Yes, Fair offered car insurance as a separate add-on. It was tailored to the user's specific needs and the value and specifications of the chosen vehicle, providing flexibility for subscribers to manage their coverage.

Was Fair available in the UK?
No, Fair was a US-based car subscription service. It operated across 17 states in the United States and did not have operations or services available in the United Kingdom.
What happened to Fair?
Fair faced significant financial challenges and operational difficulties, including unprofitability, layoffs, and leadership changes. After several attempts to pivot its business model, including a plan to become a broader automotive technology hub, Fair ultimately ceased trading as of August 2022.
What was unique about Fair's service?
Fair stood out due to its entirely app-based service, its unique method of sourcing vehicles from local dealerships based on user proximity, and its credit-based filtering of available cars. It also offered a generous 3-day, 100-mile "cooling off" period, allowing users to return a car if unsatisfied without obligation. The flexibility for rideshare usage was also a distinctive feature.

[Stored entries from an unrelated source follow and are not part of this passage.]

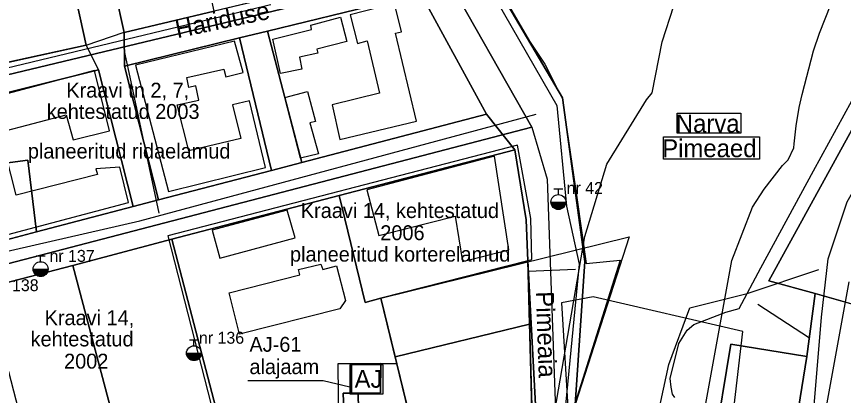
# Model space of a CAD drawing. Extents: x 728832 to 739469, y 6586263 to 6599699.
# Drawn here: x 738581.2 to 738858.8, y 6589955.2 to 6590082.3 of the extents above; entities that cross this region are included whole.
import ezdxf

# ---------------------------------------------------------------- set-up
doc = ezdxf.new("R2010")
doc.units = 0
for name, color, linetype in [('a_kalda_ekv', 7, 'Continuous'), ('a_kalda_piiranguv', 7, 'Continuous'), ('a_kalda_veekaitsev', 7, 'Continuous'), ('a_LK_III_kodukakk', 7, 'Continuous'), ('a_looduskaitse_voond', 7, 'Continuous'), ('a_piir', 7, 'Continuous'), ('dp_hoonestus', 7, 'Continuous'), ('PIIR', 7, 'Continuous'), ('plan_ala', 7, 'Continuous'), ('v_dp_kehtiv', 7, 'Continuous'), ('v_dp_kehtiv_tekst', 7, 'Continuous'), ('v_dp_kontaktvoond', 7, 'Continuous'), ('v_dp_krunt_objectID', 7, 'Continuous'), ('v_dp_kruntimise_tabel', 7, 'Continuous'), ('v_dp_tanav_tekst', 7, 'Continuous'), ('v_dp_transp_kergliiklejate_tanav', 7, 'Continuous'), ('v_olol_hüdrant', 7, 'Continuous'), ('v_olol_katastri_nimi', 7, 'Continuous'), ('v_olol_transp_jjt', 7, 'Continuous'), ('VKAEV', 7, 'Continuous')]:
    doc.layers.add(name, color=color, linetype=linetype)

# ---------------------------------------------------------------- blocks, each defined once
blk = doc.blocks.new('THYDRM_3')
at = {"layer": 'VKAEV'}
for p, q in [((-0.6, 1.8), (0.6, 1.8)), ((0, 1), (0, 1.8)), ((-1, 0), (1, 0))]:
    blk.add_line(p, q, dxfattribs=at)
blk.add_circle((0, 0), 1, dxfattribs=at)
for radius in [0.95, 0.9, 0.85, 0.8, 0.75, 0.7, 0.65, 0.6, 0.55, 0.5, 0.45, 0.4, 0.35, 0.3, 0.25, 0.2, 0.15, 0.1]:
    blk.add_arc((0, 0), radius, 180, 0, dxfattribs=at)

msp = doc.modelspace()

# ---------------------------------------------------------------- linework, layer by layer
at = {"layer": 'a_kalda_ekv'}
msp.add_lwpolyline([(738811.51, 6589946.37), (738821.34, 6590000.5), (738828.31, 6590018.34), (738832.18, 6590024.45), (738838.35, 6590032.31), (738840.22, 6590034.25), (738842.19, 6590038.3), (738842.25, 6590039.61), (738842.91, 6590045.71), (738843.96, 6590051.85), (738844.91, 6590056.22), (738848.79, 6590070.87), (738850.77, 6590076.81), (738854.63, 6590086.37)], dxfattribs=at)
at = {"layer": 'a_kalda_piiranguv'}
msp.add_lwpolyline([(738695.61, 6589728.48), (738706.15, 6589759.08), (738722.64, 6589798.76), (738722.69, 6589800.12), (738733.47, 6589829.62), (738734.51, 6589830.94), (738735.22, 6589840.26), (738737.86, 6589847.06), (738738.99, 6589862.11), (738741.2, 6589876.8), (738748.87, 6589910.57), (738751.45, 6589919.82), (738762.48, 6589953.16), (738771.98, 6590008.5), (738779.42, 6590032.77), (738792.73, 6590054.38), (738794.61, 6590056.71), (738798, 6590073.89), (738805.74, 6590098.09)], dxfattribs=at)
at = {"layer": 'a_kalda_veekaitsev'}
msp.add_lwpolyline([(738850.87, 6589939.22), (738860.7, 6589993.36)], dxfattribs=at)
at = {"layer": 'a_LK_III_kodukakk'}
msp.add_lwpolyline([(738774.8, 6589988.29), (738764.14, 6589986.28), (738769.19, 6589903.2), (738776.34, 6589779.97), (738793.46, 6589779), (738813.32, 6589799.46), (738821.04, 6589844.98), (738829.66, 6589892.22), (738832, 6589940.61), (738821.77, 6589948.75), (738824.98, 6589976.65)], close=True, dxfattribs=at)
at = {"layer": 'a_looduskaitse_voond'}
for points in [[(738742.33, 6590093.16), (738753.42, 6590074.13), (738758.55, 6590066.35), (738763.02, 6590057.58), (738764.34, 6590055.09), (738769.31, 6590021.66), (738772.45, 6589999.48), (738783.87, 6590000.64), (738768.64, 6589952.32)], [(738802.24, 6589954.47), (738801.41, 6589955.63), (738800.92, 6589957.94), (738800.59, 6589960.92), (738803.57, 6589972.67), (738806.38, 6589977.14), (738808.53, 6589978.96), (738819.29, 6589983.1), (738823.76, 6589984.42), (738831.04, 6589997.99), (738848.75, 6590030.6), (738861.66, 6590054.1)]]:
    msp.add_lwpolyline(points, dxfattribs=at)
for points in [[(738803.02, 6590049.9), (738824.39, 6590049.9), (738824.39, 6590043.2), (738803.02, 6590043.2)], [(738798.43, 6590041.97), (738830.63, 6590041.97), (738830.63, 6590034.44), (738798.43, 6590034.44)]]:
    msp.add_lwpolyline(points, close=True, dxfattribs=at)
at = {"layer": 'a_piir'}
for points in [[(738563.12, 6590074.99), (738565.47, 6590064.21), (738604.55, 6590072.77), (738589.58, 6590141.08), (738565.9, 6590135.88), (738567.17, 6590129.14), (738551.88, 6590126.25), (738561.89, 6590080.58), (738566.78, 6590081.55), (738567.97, 6590076.01)], [(738635.42, 6590138.88), (738606.8, 6590132.08), (738605.26, 6590131.72), (738617.33, 6590077.03), (738647.48, 6590084.18), (738643.18, 6590103.72), (738642.43, 6590107.1)], [(738714.48, 6590100.13), (738647.48, 6590084.18), (738617.33, 6590077.03), (738617.39, 6590065.7), (738656.06, 6590075.17), (738665.48, 6590077.48), (738716.96, 6590090.08)], [(738716.96, 6590090.08), (738665.48, 6590077.48), (738676.92, 6590033.37), (738738.99, 6590049.61)], [(738676.92, 6590033.37), (738665.48, 6590077.48), (738656.06, 6590075.17), (738666.76, 6590030.72)], [(738656.06, 6590075.17), (738617.39, 6590065.7), (738628.79, 6590020.79), (738666.76, 6590030.72)], [(738604.55, 6590072.77), (738565.47, 6590064.21), (738526.53, 6590055.67), (738527.2, 6590044.15), (738556.68, 6590051.52), (738608.66, 6590064.51)], [(738608.66, 6590064.51), (738556.68, 6590051.52), (738568.77, 6590005.09), (738570.92, 6590005.66), (738566.28, 6590031.73), (738585, 6590034.14), (738587.92, 6590010.1), (738620.33, 6590018.57)], [(738738.99, 6590049.61), (738676.92, 6590033.37), (738666.76, 6590030.72), (738628.79, 6590020.79), (738620.33, 6590018.57), (738587.92, 6590010.1), (738570.92, 6590005.66), (738568.77, 6590005.09), (738537.68, 6589996.96), (738518.66, 6589991.84), (738428.26, 6589970.5), (738386.7, 6589960.54), (738364.99, 6589956.62), (738367.22, 6589942.76), (738387.74, 6589947.59), (738436.23, 6589958.98), (738466.5, 6589966.08), (738515.12, 6589977.52), (738553.84, 6589986.61), (738571.13, 6589991.27), (738600.07, 6589998.83), (738633.27, 6590007.58), (738689.52, 6590022.24), (738748.53, 6590037.67)], [(738748.53, 6590037.67), (738689.52, 6590022.24), (738698.18, 6589986.41), (738703.51, 6589987.79), (738752.88, 6590000.39), (738752.27, 6590014.17)], [(738570.92, 6590005.66), (738587.92, 6590010.1), (738585, 6590034.14), (738566.28, 6590031.73)], [(738689.52, 6590022.24), (738633.27, 6590007.58), (738650.05, 6589943.32), (738691.26, 6589944.8), (738690.88, 6589955.96), (738693.65, 6589955.95), (738693.65, 6589965.82), (738703.46, 6589965.87), (738703.41, 6589956.03), (738695.91, 6589955.97), (738696.09, 6589944.86), (738713.89, 6589945.13), (738703.51, 6589987.79), (738698.18, 6589986.41)], [(738615.11, 6589942.17), (738650.05, 6589943.32), (738633.27, 6590007.58), (738600.07, 6589998.83)], [(738752.88, 6590000.39), (738703.51, 6589987.79), (738713.89, 6589945.13), (738714.33, 6589943.33), (738708.27, 6589918.18), (738755.04, 6589919)], [(738757.06, 6589920.61), (738752.88, 6590000.39), (738755.04, 6589919), (738757.14, 6589919.04)], [(738615.11, 6589942.17), (738600.07, 6589998.83), (738571.13, 6589991.27), (738581.73, 6589950.74), (738581.9, 6589941.15), (738610.26, 6589942.03)], [(738820.97, 6589972.38), (738815.28, 6589937.74), (738840.89, 6589933.53), (738846.51, 6589968.23)], [(738703.46, 6589965.87), (738693.65, 6589965.82), (738693.65, 6589955.95), (738695.91, 6589955.97), (738703.41, 6589956.03)], [(738696.09, 6589944.86), (738695.91, 6589955.97), (738693.65, 6589955.95), (738690.88, 6589955.96), (738691.26, 6589944.8)]]:
    msp.add_lwpolyline(points, close=True, dxfattribs=at)
for points in [[(738589.58, 6590141.08), (738604.55, 6590072.77), (738608.66, 6590064.51), (738620.33, 6590018.57), (738628.79, 6590020.79), (738617.39, 6590065.7), (738617.33, 6590077.03), (738605.26, 6590131.72)], [(738742.13, 6590093.07), (738764.49, 6590055.06), (738772.03, 6590000.09), (738768.72, 6589952.16), (738772.93, 6589857.45), (738773.4, 6589837.7), (738774.3, 6589799.69), (738773.02, 6589782.57), (738770.95, 6589773.79), (738772.21, 6589772.82), (738789.1, 6589772.13), (738816.58, 6589801.47), (738818.65, 6589803.67), (738821.12, 6589845.16), (738826.29, 6589871.7), (738836.38, 6589907.12), (738840.89, 6589933.53), (738815.28, 6589937.74), (738820.97, 6589972.38), (738846.51, 6589968.23), (738849.37, 6589989.36), (738833.77, 6589993.69), (738901.84, 6590117.49)], [(738901.84, 6590117.49), (738833.77, 6589993.69), (738849.37, 6589989.36), (738846.51, 6589968.23), (738840.89, 6589933.53), (738836.38, 6589907.12), (738826.29, 6589871.7), (738821.12, 6589845.16), (738818.65, 6589803.67), (738832.86, 6589803.2), (738833.85, 6589807.67), (738833.36, 6589816.28), (738834.18, 6589833.66), (738836, 6589849.88), (738844.44, 6589888.11), (738851.89, 6589911.28), (738858.18, 6589923.69), (738860.66, 6589942.56)], [(738716.96, 6590090.08), (738738.99, 6590049.61), (738748.53, 6590037.67), (738752.27, 6590014.17), (738752.88, 6590000.39), (738757.06, 6589920.61), (738757.14, 6589919.04), (738760.94, 6589844.8), (738761.22, 6589839.49), (738773.4, 6589837.7), (738772.93, 6589857.45), (738768.72, 6589952.16), (738772.03, 6590000.09), (738764.49, 6590055.06), (738742.13, 6590093.07)]]:
    msp.add_lwpolyline(points, dxfattribs=at)
at = {"layer": 'dp_hoonestus'}
msp.add_lwpolyline([(738703.51, 6589987.79), (738708.29, 6589968.15), (738753.45, 6589979.08), (738752.88, 6590000.39), (738703.51, 6589987.79)], close=True, dxfattribs=at)
at = {"layer": 'PIIR'}
for points in [[(738708.09, 6590086.74), (738693.18, 6590082.96), (738695.63, 6590073.33), (738698.86, 6590074.15), (738702.99, 6590056.62), (738687.18, 6590052.74), (738689.75, 6590041.1), (738715.46, 6590047.27), (738708.43, 6590076.77), (738710.46, 6590077.18)], [(738689.97, 6590082.11), (738692.09, 6590073.99), (738681.99, 6590071.38), (738682.3, 6590070.08), (738676.18, 6590068.71), (738676.97, 6590064.74), (738669.78, 6590063.23), (738667.23, 6590074.76), (738680.18, 6590078.02), (738680.02, 6590079.5)], [(738650.81, 6590064.66), (738651.43, 6590062.14), (738657.25, 6590063.54), (738654.35, 6590074.13), (738621.12, 6590066.07), (738632.21, 6590023.6), (738664.79, 6590031.64), (738659.35, 6590054.05), (738653.72, 6590052.69), (738656.48, 6590041.47), (738638.98, 6590037.32), (738635.07, 6590052.75), (738642.42, 6590054.33), (738641.4, 6590059.07), (738639.01, 6590058.56), (738638.32, 6590061.86)], [(738597.83, 6590049.37), (738600.22, 6590041), (738612.42, 6590044.02), (738607.38, 6590064.19), (738561.06, 6590051.98), (738572.63, 6590007.75), (738618.8, 6590019.95), (738615.86, 6590031.83), (738607.81, 6590031.2), (738608.38, 6590029.32), (738581.07, 6590022.4), (738575.62, 6590043.53)], [(738671.25, 6590055.22), (738678.86, 6590057.15), (738681.56, 6590047.15), (738679.65, 6590046.72), (738682.54, 6590036.32), (738676.54, 6590034.85)], [(738698.75, 6590024.15), (738702.76, 6590008.81), (738728.48, 6590015.3), (738730.89, 6590000.14), (738746.47, 6590004), (738741.6, 6590035.49)], [(738646.82, 6590010.71), (738649.42, 6590001.3), (738674.69, 6590008.06), (738672.06, 6590017.39)], [(738688.57, 6589998.7), (738691.6, 6589987.02), (738689.73, 6589984.26), (738656.04, 6589975.73), (738652.53, 6589989.58), (738676.24, 6589995.62), (738675.79, 6589997.4), (738683.36, 6589999.22), (738683.98, 6589997.48)]]:
    msp.add_lwpolyline(points, close=True, dxfattribs=at)
at = {"layer": 'plan_ala'}
msp.add_lwpolyline([(738773.4, 6589837.7), (738586.3, 6589865.2), (738586.3, 6589865.2), (738583.11, 6589865.67), (738577.13, 6589865.85), (738565.7, 6589866.14), (738565.45, 6589885.77), (738564.49, 6589941.05), (738581.9, 6589941.15), (738615.11, 6589942.17), (738650.05, 6589943.32), (738691.27, 6589944.8), (738696.09, 6589944.85), (738713.89, 6589945.13), (738703.51, 6589987.79), (738786.92, 6590008.4), (738768.72, 6589952.16)], close=True, dxfattribs=at)
at = {"layer": 'v_dp_kehtiv'}
for points in [[(738834.26, 6590139.1), (738901.84, 6590117.49), (738833.77, 6589993.69), (738849.37, 6589989.36), (738911.94, 6589971.59), (738937.72, 6590021.18), (738984.2, 6590114.69), (738993.34, 6590247.02), (738942.21, 6590350.94), (738908.53, 6590414.77), (738868.42, 6590397.1), (738843.38, 6590385.47), (738811.42, 6590370.68), (738843.25, 6590304.19), (738861.55, 6590265.91), (738881.66, 6590187.51), (738849.36, 6590185.31)], [(738833.77, 6589993.69), (738901.84, 6590117.49), (738834.26, 6590139.1), (738849.36, 6590185.31), (738881.66, 6590187.51), (738861.55, 6590265.91), (738843.25, 6590304.19), (738811.42, 6590370.68), (738868.42, 6590397.1), (738908.53, 6590414.77), (738942.21, 6590350.94), (738993.34, 6590247.02), (738984.2, 6590114.69), (738937.72, 6590021.18), (738911.94, 6589971.59), (738869.57, 6589983.62), (738849.37, 6589989.36)], [(738518.28, 6590048.41), (738724.34, 6590097.89), (738754.16, 6590045.25), (738560.05, 6589994.65), (738532.9, 6589987.47)], [(738518.28, 6590048.41), (738532.9, 6589987.47), (738560.05, 6589994.65), (738754.16, 6590045.25), (738724.34, 6590097.89)], [(738572.16, 6589949.69), (738560.05, 6589994.65), (738754.16, 6590045.25), (738754.16, 6590045.25), (738759.38, 6590027.73), (738763.29, 6589919.13), (738757.14, 6589919.04), (738708.27, 6589918.18), (738712.82, 6589937.07), (738573.1, 6589934.21)], [(738560.05, 6589994.65), (738754.16, 6590045.25), (738754.16, 6590045.25), (738759.38, 6590027.73), (738763.29, 6589919.13), (738757.14, 6589919.04), (738708.27, 6589918.18), (738712.82, 6589937.07), (738573.1, 6589934.21), (738572.16, 6589949.69)], [(738689.18, 6589965.94), (738689.18, 6589965.94), (738708.83, 6589965.94), (738703.51, 6589987.79), (738753.01, 6590000.42), (738754.21, 6590000.8), (738753.82, 6590014.6), (738749.4, 6590039.21), (738749.4, 6590039.21), (738631.94, 6590008.72), (738631.94, 6590008.72), (738648.75, 6589943.28), (738648.75, 6589943.28), (738648.75, 6589943.28), (738689.41, 6589944.25), (738689.41, 6589944.25)], [(738689.18, 6589965.94), (738689.18, 6589965.94), (738708.83, 6589965.94), (738703.51, 6589987.79), (738753.01, 6590000.42), (738754.21, 6590000.8), (738753.82, 6590014.6), (738749.4, 6590039.21), (738749.4, 6590039.21), (738631.94, 6590008.72), (738631.94, 6590008.72), (738648.75, 6589943.28), (738648.75, 6589943.28), (738648.75, 6589943.28), (738689.41, 6589944.25), (738689.41, 6589944.25)]]:
    msp.add_lwpolyline(points, close=True, dxfattribs=at)
at = {"layer": 'v_dp_kontaktvoond'}
msp.add_lwpolyline([(738514.55, 6590110.32), (738526.53, 6590055.67), (738604.55, 6590072.77), (738617.36, 6590077.07), (738714.48, 6590100.13)], dxfattribs=at)
at = {"layer": 'v_dp_kruntimise_tabel'}
msp.add_lwpolyline([(738693.03, 6589955.68), (738704.26, 6589955.68), (738704.26, 6589965.42), (738693.03, 6589965.42)], close=True, dxfattribs=at)
msp.add_lwpolyline([(738693.03, 6589957.94), (738684.08, 6589960.04), (738658.83, 6589960.04)], dxfattribs=at)
at = {"layer": 'v_dp_transp_kergliiklejate_tanav'}
msp.add_line((738752.97, 6589996.94), (738768.85, 6589997.57), dxfattribs=at)
at = {"layer": 'v_olol_katastri_nimi'}
for points in [[(738703.51, 6589987.79), (738713.21, 6589947.93), (738754.32, 6589946.29), (738752.88, 6590000.39)], [(738708.29, 6589968.15), (738703.51, 6589987.79), (738752.88, 6590000.39), (738753.45, 6589979.08)], [(738753.45, 6589979.08), (738754.32, 6589946.29), (738713.21, 6589947.93), (738708.29, 6589968.15)]]:
    msp.add_lwpolyline(points, close=True, dxfattribs=at)
at = {"layer": 'v_olol_transp_jjt'}
for p, q in [((738520.62, 6590051.41), (738728.63, 6590101.35)), ((738830.05, 6589985.79), (738847.37, 6589974.56))]:
    msp.add_line(p, q, dxfattribs=at)
for points in [[(738701.22, 6589304.96), (738722.43, 6589361.21), (738744.16, 6589429.66), (738746.01, 6589438.06), (738752.32, 6589484.93), (738757.68, 6589561.53), (738761.22, 6589598.39), (738763.23, 6589614.26), (738774.35, 6589665.72), (738786.24, 6589707.98), (738799.01, 6589743.38), (738822.48, 6589793.3), (738827.95, 6589808.63), (738827.95, 6589817.5), (738830.43, 6589848.34), (738832.8, 6589864.39), (738836.51, 6589886.76), (738847.81, 6589938.4), (738851.48, 6589981.51), (738853.67, 6590001.03), (738860.07, 6590020.16), (738885.77, 6590065.05), (738912.97, 6590120.99)], [(738739.83, 6590092.1), (738762.58, 6590052.49), (738765.8, 6590018.73), (738770.03, 6589999.23), (738765.16, 6589948.51), (738770.96, 6589801.22), (738770.96, 6589784.65), (738744.05, 6589687.94), (738732.19, 6589650.65), (738704.24, 6589618.95), (738677.81, 6589602.35), (738554.06, 6589547.05), (738495.74, 6589520.07)], [(738617.36, 6590070.72), (738618.88, 6590063.6), (738628.97, 6590016.41)], [(738555.43, 6589993.43), (738568.32, 6590001.39), (738622.57, 6590013.76), (738755.67, 6590049.57)], [(738776.52, 6589852.7), (738782.59, 6589864.56), (738782.59, 6589892.11), (738789.97, 6589918.46), (738800.13, 6589965.6), (738807.22, 6589984.64), (738826.43, 6589989.41), (738850.55, 6589997.43)]]:
    msp.add_lwpolyline(points, dxfattribs=at)

# ---------------------------------------------------------------- block references
at = {"layer": 'v_olol_hüdrant', "xscale": 2.5, "yscale": 2.5}
for p in [(738763.11, 6590020.08), (738589.25, 6589997.57), (738640.74, 6589969.36)]:
    msp.add_blockref('THYDRM_3', p, dxfattribs=at)

# ---------------------------------------------------------------- texts
at = {"layer": 'a_looduskaitse_voond'}
for s, p in [('Narva ', (738802.54, 6590043.46)), ('Pimeaed', (738797.96, 6590035.14))]:
    msp.add_text(s, height=6, dxfattribs=at).set_placement(p)
at = {"layer": 'v_dp_kehtiv_tekst'}
for s, p in [('Kraavi tn 2, 7,', (738597.88, 6590055.13)), ('kehtestatud 2003', (738591.31, 6590047.99)), ('planeeritud ridaelamud', (738584.96, 6590034.7)), ('Kraavi 14, kehtestatud  ', (738676.62, 6590014.73)), ('2006', (738703.3, 6590007.29)), ('planeeritud korterelamud', (738672.99, 6590000.1)), ('Kraavi 14,', (738590.59, 6589978.77)), ('kehtestatud ', (738585.9, 6589971.64)), ('2002', (738597.13, 6589964.19))]:
    msp.add_text(s, height=5, dxfattribs=at).set_placement(p)
at = {"layer": 'v_dp_krunt_objectID'}
for s, p in [('Narva ', (738802.54, 6590043.46)), ('Pimeaed', (738797.96, 6590035.14))]:
    msp.add_text(s, height=6, dxfattribs=at).set_placement(p)
at = {"layer": 'v_dp_kruntimise_tabel'}
for s, height, p in [('AJ-61', 5, (738659.37, 6589969.84)), ('alajaam', 5, (738659.37, 6589962.34)), ('AJ', 6, (738694.67, 6589957.76))]:
    msp.add_text(s, height=height, dxfattribs=at).set_placement(p)
at = {"layer": 'v_dp_tanav_tekst'}
for s, rotation, p in [('Hariduse', 11.8402, (738635.17, 6590075.05)), ('Pimeaia', 271.9233, (738755.54, 6589990.04))]:
    msp.add_text(s, height=6, rotation=rotation, dxfattribs=at).set_placement(p)
at = {"layer": 'v_olol_hüdrant'}
for s, p in [('nr 42', (738765.86, 6590022.8)), ('nr 137', (738592.23, 6590000.02)), ('nr 138', (738573.41, 6589990.18)), ('nr 136', (738642.42, 6589972.54))]:
    msp.add_text(s, height=4, dxfattribs=at).set_placement(p)

doc.saveas('drawing.dxf')

Yes, one of Fair's notable features was that it allowed subscribers to use their vehicles for rideshare purposes, making it an attractive option for gig economy workers looking for flexible vehicle access.
How did Fair determine the cost of a subscription?
Fair's costs were highly variable and determined by several factors, including the user's exact physical location, their credit rating, their age, and the specific vehicle chosen. This dynamic pricing meant that exact costs required downloading the app and going through the pre-authorisation checks.
Conclusion
Fair’s journey in the car subscription landscape serves as a compelling case study of innovation, ambition, and the inherent challenges of disrupting established industries. Its app-centric model, flexible terms, and unique approach to vehicle sourcing offered a glimpse into a future where car access could be as simple and adaptable as a mobile application. However, despite its forward-thinking vision and significant financial backing, the complexities of profitability, operational scale, and strategic alignment ultimately proved insurmountable. While Fair may no longer be operational, its legacy remains in the lessons learned and the ongoing evolution of car subscription models, which continue to shape how individuals interact with and access vehicles in the modern era.